Dirt, I didn't know if you would be addressing me over on the "excavation" forum so I'm posting here as well. Some of you seem to be missing the point as to why some of us in the construction industry collect unemployment. It has nothing to do with being lazy nor holding our hand out waiting for a freebee. Unemployment is paid in by our employers..not the govt. So that in the event of a lay off. In my case as well as countless others a SEASONAL layoff due to winter conditions (I work in road construction highway heavy). You can't build a decent road (with your tax dollars) on frost! Things of that nature.... Some of us are union as well. We cannot just go out on a whim and pick up any old job we seem fit to take. Are they union jobs? We can get employment through our union halls...But how long will we sit? Until then what will we do? Thats right collect unemployment. You act as though it's an easy road taking unemployment and you talk as though you do so much more than the people getting unemployment. Wake up Jack.. Those of us who have work that is seasonal know all too well about budgeting for our families. I'm sure most on here who are laid off for 2-4 months can tell you precisely in the month of September weather they will make it through the winter or not. We spend 7 to 8 months busting our asses big time during the spring, summer and fall to make sure our kids are alright through the lean months of winter. I can only speak for people in my line of work in this particular state. As for others on U.I, I'm sure there are people milking the system. But as far as I know, my employer pays in for me during the summer months to ensure I'll be there for him this coming spring when work picks up.


----------



## JustaFramer (Jan 21, 2005)

dirt diggler said:


> that's right ... turn an otherwise compelling debate into a pissing contest
> 
> :whistling
> 
> ...




Oh no my friend you lumped a lot of people in with the abusers of UI when you first started this thread. It was a pissing match from the start. :thumbsup:


----------



## KillerToiletSpider (May 27, 2007)

JustaFramer said:


> Oh no my friend you lumped at of people in with the abusers of UI when you first started this thread. It was a pissing match from the start. :thumbsup:


It doesn't matter, he won't answer any questions and run away from the topic anyway.


----------



## SelfContract (Dec 6, 2007)

Now he calls his HD manager support online to take care all of you once & for all.


----------



## dirt diggler (May 14, 2006)

TMatt142 said:


> Dirt, I didn't know if you would be addressing me over on the "excavation" forum so I'm posting here as well.

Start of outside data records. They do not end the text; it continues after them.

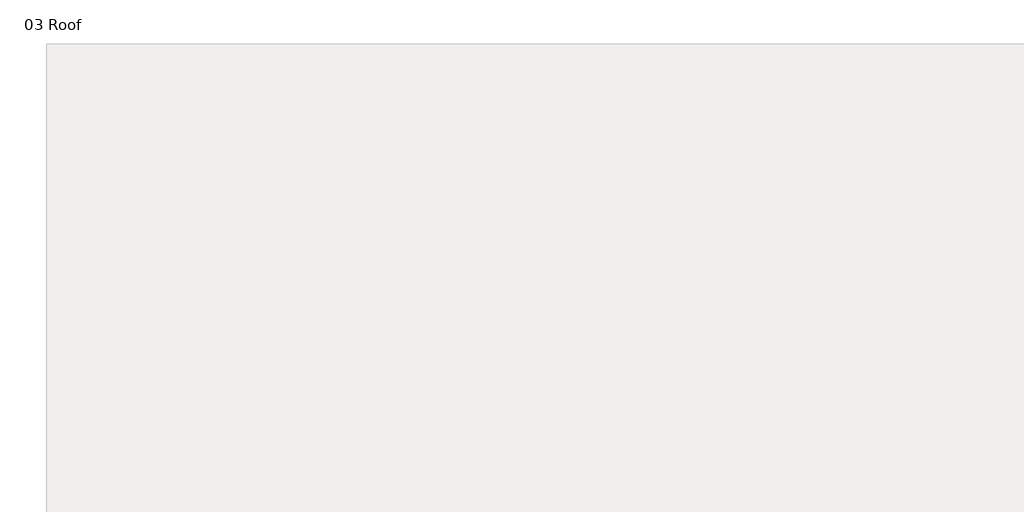
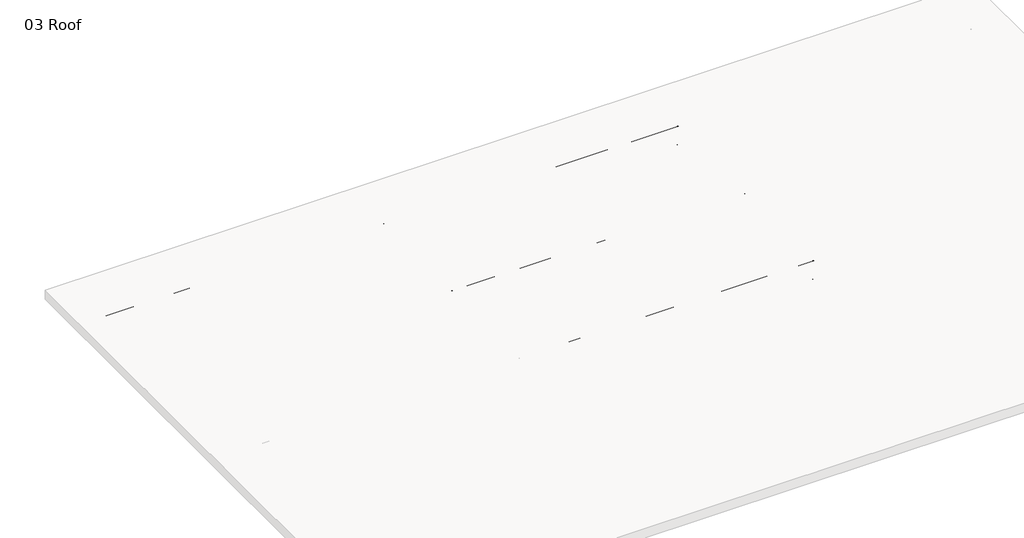
# One storey, part 3 of 4: 102 beams.
"""IFC4 building model written with IfcOpenShell, lengths in millimetres."""

import ifcopenshell
import ifcopenshell.guid

model = None  # the IFC model being written
_history = None  # IfcOwnerHistory: only IFC2X3 demands one
_inside = {}  # id of a spatial element -> (the spatial element, [elements in it])
_under = {}  # id of a project, library or spatial element -> (it, [spatial elements below it])
_declared = {}  # id of a project -> (the project, [libraries it declares])
_typed = {}  # id of a type object -> (the type object, [elements of that type])
_made_of = {}  # id of a material, layer set ... -> (it, [elements and type objects made of it])


def new_model(schema):
    """Start an empty IFC model of exactly this schema.

    Asked for "IFC4X3", IfcOpenShell would pick the latest addendum, in which some entities
    have other attributes; the version numbers below select the first issue.
    IFC2X3 requires an IfcOwnerHistory on every rooted entity: one is made here for all.
    """
    global model, _history
    if schema == "IFC4X3":
        model = ifcopenshell.file(schema_version=(4, 3, 0, 0))
    else:
        model = ifcopenshell.file(schema=schema)
    _inside.clear()
    _under.clear()
    _declared.clear()
    _typed.clear()
    _made_of.clear()
    _history = None
    if model.schema == "IFC2X3":
        org = make("IfcOrganization", Name="unknown")
        user = make(
            "IfcPersonAndOrganization",
            ThePerson=make("IfcPerson", FamilyName="unknown"),
            TheOrganization=org,
        )
        app = make(
            "IfcApplication",
            ApplicationDeveloper=org,
            Version="unknown",
            ApplicationFullName="unknown",
            ApplicationIdentifier="unknown",
        )
        _history = make(
            "IfcOwnerHistory",
            OwningUser=user,
            OwningApplication=app,
            ChangeAction="ADDED",
            CreationDate=0,
        )
    return model


def make(cls, **values):
    """One entity of the class cls with the attributes given. An attribute that is None is left unset."""
    return model.create_entity(
        cls, **{name: value for name, value in values.items() if value is not None}
    )


def rooted(cls, **values):
    """An entity with a GlobalId (a new one), such as an element, a storey or a relation."""
    return make(cls, GlobalId=ifcopenshell.guid.new(), OwnerHistory=_history, **values)


def si_unit(unit_type, name, prefix=None):
    """IfcSIUnit, for example si_unit("LENGTHUNIT", "METRE", prefix="MILLI")."""
    return make("IfcSIUnit", UnitType=unit_type, Prefix=prefix, Name=name)


def assignment(units):
    """IfcUnitAssignment: the units of a project."""
    return None if units is None else make("IfcUnitAssignment", Units=units)


def point(xyz):
    """IfcCartesianPoint."""
    return None if xyz is None else make("IfcCartesianPoint", Coordinates=xyz)


def direction(xyz):
    """IfcDirection."""
    return None if xyz is None else make("IfcDirection", DirectionRatios=xyz)


def frame(location, z_axis=None, x_axis=None):
    """IfcAxis2Placement3D, a coordinate frame: its origin and axes. An axis left out is left unset."""
    return make(
        "IfcAxis2Placement3D",
        Location=point(location),
        Axis=direction(z_axis),
        RefDirection=direction(x_axis),
    )


def frame_2d(location, x_axis=None):
    """IfcAxis2Placement2D, a coordinate frame in the plane: its origin and x axis."""
    return make(
        "IfcAxis2Placement2D", Location=point(location), RefDirection=direction(x_axis)
    )


def origin():
    """The frame at (0, 0, 0) with its axes left unset."""
    return frame((0.0, 0.0, 0.0))


def place(relative_to, where):
    """IfcLocalPlacement: puts the frame where relative to a parent placement (None: the world)."""
    return make(
        "IfcLocalPlacement", PlacementRelTo=relative_to, RelativePlacement=where
    )


def context(
    kind, dimensions, precision=None, world=None, true_north=None, identifier=None
):
    """IfcGeometricRepresentationContext, for example the 3D "Model" context."""
    return make(
        "IfcGeometricRepresentationContext",
        ContextIdentifier=identifier,
        ContextType=kind,
        CoordinateSpaceDimension=dimensions,
        Precision=precision,
        WorldCoordinateSystem=world,
        TrueNorth=true_north,
    )


def project(units=None, contexts=None):
    """IfcProject with its units and contexts."""
    return rooted(
        "IfcProject",
        Name="project",
        RepresentationContexts=contexts,
        UnitsInContext=assignment(units),
    )


def spatial(cls, under=None, at=None, **own):
    """A site, building, storey or space (cls), placed at a placement, below another one or the project."""
    s = rooted(cls, ObjectPlacement=at, **own)
    if under is not None:
        _under.setdefault(under.id(), (under, []))[1].append(s)
    return s


def polyline(points):
    """IfcPolyline through the points."""
    return make("IfcPolyline", Points=[point(p) for p in points])


def circle_curve(where, radius):
    """IfcCircle in the frame where."""
    return make("IfcCircle", Position=where, Radius=radius)


def trimmed(basis, trim1, trim2, sense, master):
    """IfcTrimmedCurve: the piece of a basis curve between two trims."""
    return make(
        "IfcTrimmedCurve",
        BasisCurve=basis,
        Trim1=trim1,
        Trim2=trim2,
        SenseAgreement=sense,
        MasterRepresentation=master,
    )


def segment(curve, same_sense, transition):
    """IfcCompositeCurveSegment."""
    return make(
        "IfcCompositeCurveSegment",
        Transition=transition,
        SameSense=same_sense,
        ParentCurve=curve,
    )


def composite_curve(segments, self_intersect=None):
    """IfcCompositeCurve: segments joined end to end."""
    return make("IfcCompositeCurve", Segments=segments, SelfIntersect=self_intersect)


def outline(outer, holes=None, kind="AREA"):
    """IfcArbitraryClosedProfileDef: a profile drawn as a closed curve; with holes, ...WithVoids."""
    if holes is None:
        return make("IfcArbitraryClosedProfileDef", ProfileType=kind, OuterCurve=outer)
    return make(
        "IfcArbitraryProfileDefWithVoids",
        ProfileType=kind,
        OuterCurve=outer,
        InnerCurves=holes,
    )


def extrude(swept, where, along, depth):
    """IfcExtrudedAreaSolid: the profile swept, set in the frame where, extruded along a direction by depth."""
    return make(
        "IfcExtrudedAreaSolid",
        SweptArea=swept,
        Position=where,
        ExtrudedDirection=direction(along),
        Depth=depth,
    )


def shape(context_of_items, identifier, shape_type, items):
    """IfcShapeRepresentation: the items that make up one representation, for example the "Body"."""
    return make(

I apologize for my slow response Matt - I still have others waiting for their responses.:laughing: it's gotten a bit busy here in the General Discussion Area

however, i will address yours when i can


----------



## dirt diggler (May 14, 2006)

KillerToiletSpi said:


> It doesn't matter, he won't answer any questions and run away from the topic anyway.


Well, I'll try answering them all right now:

Celtic - I have glanced at your post, it looks like it will involve some time to read - and i WILL read and i WILL respond. 

Others - 

I've made it clear of my perspectives on this issue. I do not believe in this program.

I think it promotes laziness and "status quo." I think it encourages self-defeating attitudes. I think it prevents people from realizing their TRUE skills and potential. 


I do understand how it may benefit some of you all so that you can keep your guys coming back in the spring. I do understand that. My business is just as seasonal as some of yours - if not even more "seasonally-affected" ... 

And I see that it is a bit of an insurance policy.


Still, it does not change my opinion of the subject.


----------



## PARA1 (Jul 18, 2007)

*Charlie Don't Surf!*

_*SOMEDAY THIS WARS GONNA END.







*_


----------



## A W Smith (Oct 14, 2007)

dirt diggler said:


> Well, I'll try answering them all right now:
> 
> Celtic - I have glanced at your post, it looks like it will involve some time to read - and i WILL read and i WILL respond.
> 
> ...


You are committing the fallacy of equating unemployment with welfare. it is not. it not only helps the economy and the unemployed. It benefits the employer who has to temporarily lay off trained employees by keeping them available when work picks up. if not for unemployment these workers would have to find new jobs immediately and the former employer would have to re-train new hires. Both the employer and the employee contribute to unemployment INSURANCE. 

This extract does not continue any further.